- Developer(s): ProRattaFactor
- Publisher(s): Ambrosia Software
- Platform(s): Mac OS, Mac OS X
- Release: September 19, 2005
- Genre(s): Platform
- Mode(s): Single-player

= The Adventures of El Ballo =

2005 video game

The Adventures of El Ballo is a 2D side-scrolling platform game for Mac OS 9 and X released by Ambrosia Software on September 19, 2005. It focuses on blatant, crude humor and mild animated nudity and includes parental controls to disable some content. The game was poorly received by Macintosh publications. It costed 25 dollars on release.

== Gameplay ==
The gameplay was similar to Mega Man, with Ars Technica describing it as a retro sidescrolling shooter.

==Plot==
The game takes place on the planet Testicular which is located in the "Circular Assmosphere" solar system. Testicular is populated by an unsanitary but peace-loving and playful alien race.
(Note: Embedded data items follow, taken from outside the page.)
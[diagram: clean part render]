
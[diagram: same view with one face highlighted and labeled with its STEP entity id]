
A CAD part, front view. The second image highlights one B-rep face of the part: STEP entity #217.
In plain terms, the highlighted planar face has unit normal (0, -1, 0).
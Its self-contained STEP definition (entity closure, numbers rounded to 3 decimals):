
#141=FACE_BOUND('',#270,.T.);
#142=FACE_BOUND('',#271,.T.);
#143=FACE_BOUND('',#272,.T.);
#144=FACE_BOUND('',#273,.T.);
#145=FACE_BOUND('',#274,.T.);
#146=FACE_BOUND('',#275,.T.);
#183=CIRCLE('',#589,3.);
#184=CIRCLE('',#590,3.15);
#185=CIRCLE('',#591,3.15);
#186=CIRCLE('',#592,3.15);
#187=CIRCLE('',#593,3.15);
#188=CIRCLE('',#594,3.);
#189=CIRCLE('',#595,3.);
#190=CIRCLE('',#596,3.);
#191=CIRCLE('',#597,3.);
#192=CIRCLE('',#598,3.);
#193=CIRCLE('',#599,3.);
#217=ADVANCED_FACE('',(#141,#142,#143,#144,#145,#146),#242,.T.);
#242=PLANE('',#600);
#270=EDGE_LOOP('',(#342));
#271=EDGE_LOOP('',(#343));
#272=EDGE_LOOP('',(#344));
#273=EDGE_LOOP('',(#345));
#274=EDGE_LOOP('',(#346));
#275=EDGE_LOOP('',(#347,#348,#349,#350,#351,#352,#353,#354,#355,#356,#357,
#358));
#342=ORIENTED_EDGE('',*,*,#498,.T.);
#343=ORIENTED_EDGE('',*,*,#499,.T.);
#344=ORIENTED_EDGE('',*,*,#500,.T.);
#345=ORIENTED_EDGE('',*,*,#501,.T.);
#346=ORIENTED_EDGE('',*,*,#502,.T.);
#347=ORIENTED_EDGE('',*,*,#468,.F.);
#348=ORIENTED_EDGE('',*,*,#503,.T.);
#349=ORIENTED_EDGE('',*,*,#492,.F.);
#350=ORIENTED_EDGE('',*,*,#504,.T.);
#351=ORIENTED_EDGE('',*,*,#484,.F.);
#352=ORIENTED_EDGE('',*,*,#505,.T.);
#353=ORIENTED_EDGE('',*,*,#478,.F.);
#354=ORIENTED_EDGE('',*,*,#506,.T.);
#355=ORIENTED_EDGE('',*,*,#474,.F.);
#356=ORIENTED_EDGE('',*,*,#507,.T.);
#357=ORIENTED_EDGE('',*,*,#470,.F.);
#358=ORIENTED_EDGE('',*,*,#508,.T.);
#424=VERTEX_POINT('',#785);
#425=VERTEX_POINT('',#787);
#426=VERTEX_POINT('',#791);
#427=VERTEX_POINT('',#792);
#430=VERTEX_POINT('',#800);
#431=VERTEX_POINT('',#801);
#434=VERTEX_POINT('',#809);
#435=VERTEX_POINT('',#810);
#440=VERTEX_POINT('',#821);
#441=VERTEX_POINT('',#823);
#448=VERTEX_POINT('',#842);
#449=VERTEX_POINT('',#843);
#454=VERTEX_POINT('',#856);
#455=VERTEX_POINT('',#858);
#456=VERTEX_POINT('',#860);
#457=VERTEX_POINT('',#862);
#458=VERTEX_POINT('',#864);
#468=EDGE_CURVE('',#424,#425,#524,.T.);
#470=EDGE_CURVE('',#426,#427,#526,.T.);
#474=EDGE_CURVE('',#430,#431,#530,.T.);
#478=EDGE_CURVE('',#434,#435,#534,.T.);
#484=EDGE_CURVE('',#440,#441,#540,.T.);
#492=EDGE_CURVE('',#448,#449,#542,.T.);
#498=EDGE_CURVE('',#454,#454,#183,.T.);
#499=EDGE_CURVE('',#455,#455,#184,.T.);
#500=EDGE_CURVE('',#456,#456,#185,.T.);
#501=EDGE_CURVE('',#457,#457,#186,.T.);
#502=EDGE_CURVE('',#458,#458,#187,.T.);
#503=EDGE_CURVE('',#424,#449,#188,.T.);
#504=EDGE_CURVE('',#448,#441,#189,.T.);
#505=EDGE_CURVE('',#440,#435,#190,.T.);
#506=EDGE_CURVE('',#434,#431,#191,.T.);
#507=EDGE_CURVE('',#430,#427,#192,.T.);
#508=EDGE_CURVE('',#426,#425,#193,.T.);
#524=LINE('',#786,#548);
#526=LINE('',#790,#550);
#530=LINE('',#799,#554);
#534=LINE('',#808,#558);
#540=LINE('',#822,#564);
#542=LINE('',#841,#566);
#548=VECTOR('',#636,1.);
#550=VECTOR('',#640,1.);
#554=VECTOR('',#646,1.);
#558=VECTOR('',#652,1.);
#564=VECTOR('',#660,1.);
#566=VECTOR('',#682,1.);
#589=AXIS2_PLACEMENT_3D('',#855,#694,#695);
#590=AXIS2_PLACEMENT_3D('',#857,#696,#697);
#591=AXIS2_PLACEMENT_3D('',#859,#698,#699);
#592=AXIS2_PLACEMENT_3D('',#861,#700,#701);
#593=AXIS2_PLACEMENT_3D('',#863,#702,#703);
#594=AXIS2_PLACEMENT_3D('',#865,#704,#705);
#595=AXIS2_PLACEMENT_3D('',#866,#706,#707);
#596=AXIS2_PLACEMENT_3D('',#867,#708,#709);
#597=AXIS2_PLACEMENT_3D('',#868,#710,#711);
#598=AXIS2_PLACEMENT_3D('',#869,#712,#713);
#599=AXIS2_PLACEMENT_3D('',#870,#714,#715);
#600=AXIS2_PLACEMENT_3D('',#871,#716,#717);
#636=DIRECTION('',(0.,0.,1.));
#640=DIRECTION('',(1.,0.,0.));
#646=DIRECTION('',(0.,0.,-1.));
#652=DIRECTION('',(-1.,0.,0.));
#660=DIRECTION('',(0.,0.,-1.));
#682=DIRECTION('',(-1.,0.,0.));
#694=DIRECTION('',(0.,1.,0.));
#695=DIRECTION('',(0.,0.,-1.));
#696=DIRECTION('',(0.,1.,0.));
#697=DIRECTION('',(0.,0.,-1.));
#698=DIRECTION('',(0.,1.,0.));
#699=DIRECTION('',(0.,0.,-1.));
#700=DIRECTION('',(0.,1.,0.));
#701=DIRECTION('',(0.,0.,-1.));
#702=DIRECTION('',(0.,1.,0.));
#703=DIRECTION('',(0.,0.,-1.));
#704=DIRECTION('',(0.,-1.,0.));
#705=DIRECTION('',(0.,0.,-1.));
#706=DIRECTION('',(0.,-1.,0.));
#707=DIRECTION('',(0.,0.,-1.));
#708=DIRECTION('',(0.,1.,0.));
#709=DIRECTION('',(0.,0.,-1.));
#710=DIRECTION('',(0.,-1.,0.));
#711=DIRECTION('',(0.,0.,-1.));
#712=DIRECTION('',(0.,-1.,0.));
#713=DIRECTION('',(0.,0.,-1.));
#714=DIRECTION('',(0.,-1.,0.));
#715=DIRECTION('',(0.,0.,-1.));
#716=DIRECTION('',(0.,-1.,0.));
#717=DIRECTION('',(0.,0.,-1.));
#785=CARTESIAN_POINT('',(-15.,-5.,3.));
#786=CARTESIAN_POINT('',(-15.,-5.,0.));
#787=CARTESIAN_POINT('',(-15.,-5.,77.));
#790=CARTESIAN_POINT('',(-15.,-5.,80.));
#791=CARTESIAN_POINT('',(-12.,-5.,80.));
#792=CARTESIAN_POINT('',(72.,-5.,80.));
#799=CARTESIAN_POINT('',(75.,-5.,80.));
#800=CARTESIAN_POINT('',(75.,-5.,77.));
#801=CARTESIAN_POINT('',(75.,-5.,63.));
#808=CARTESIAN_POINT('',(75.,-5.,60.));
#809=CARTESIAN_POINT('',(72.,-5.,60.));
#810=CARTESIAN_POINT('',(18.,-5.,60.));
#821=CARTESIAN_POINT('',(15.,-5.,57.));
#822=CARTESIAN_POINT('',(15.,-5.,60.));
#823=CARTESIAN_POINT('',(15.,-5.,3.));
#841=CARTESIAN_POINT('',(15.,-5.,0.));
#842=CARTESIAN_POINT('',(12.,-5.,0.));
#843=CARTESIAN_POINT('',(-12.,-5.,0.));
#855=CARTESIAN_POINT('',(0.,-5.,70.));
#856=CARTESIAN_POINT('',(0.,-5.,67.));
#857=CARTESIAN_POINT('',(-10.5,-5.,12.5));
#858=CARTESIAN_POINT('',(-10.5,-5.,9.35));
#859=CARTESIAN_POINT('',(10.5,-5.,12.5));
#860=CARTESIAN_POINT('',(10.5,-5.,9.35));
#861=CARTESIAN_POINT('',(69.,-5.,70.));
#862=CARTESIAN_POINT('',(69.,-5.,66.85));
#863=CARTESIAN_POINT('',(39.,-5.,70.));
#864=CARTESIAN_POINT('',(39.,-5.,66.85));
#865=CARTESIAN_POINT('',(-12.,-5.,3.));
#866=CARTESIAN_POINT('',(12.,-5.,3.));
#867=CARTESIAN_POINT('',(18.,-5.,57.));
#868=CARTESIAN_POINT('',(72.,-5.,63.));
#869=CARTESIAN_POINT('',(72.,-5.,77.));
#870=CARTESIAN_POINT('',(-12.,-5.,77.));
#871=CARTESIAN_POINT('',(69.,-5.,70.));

The evil Dr. Cough is out to cleanse the planet Testicular and to make the inhabitants give up their love of nakedness in favor of being clothed. El Ballo, one of the aliens who lives on Testicular with such companions as "Butts" and "Boobs", must take on the Chlorine Copters, Mic the Mop, and other henchmen of Dr. Cough before heading to the castle where El Ballo must deal with the evil doctor.

==Reception==
In MacWorld, Peter Cohen complimented the game's art and music but felt that the gameplay itself lacked fun. Inside Mac Games gave El Ballo a 3.75 out of 10 rating, stating that the gameplay was unexciting though the game's plot was unique. The reviewer commented, "It is possible to complete about 90% of the game by simply holding down one of the directional keys and constantly jumping or firing until you reach the end." Also mentioned was the issue of the game's adult theme posing concerns for parents and that the game's parental control feature was easy to bypass. Mac Life gave it a more positive review at 3/5, citing its funny nature but criticizing its high cost.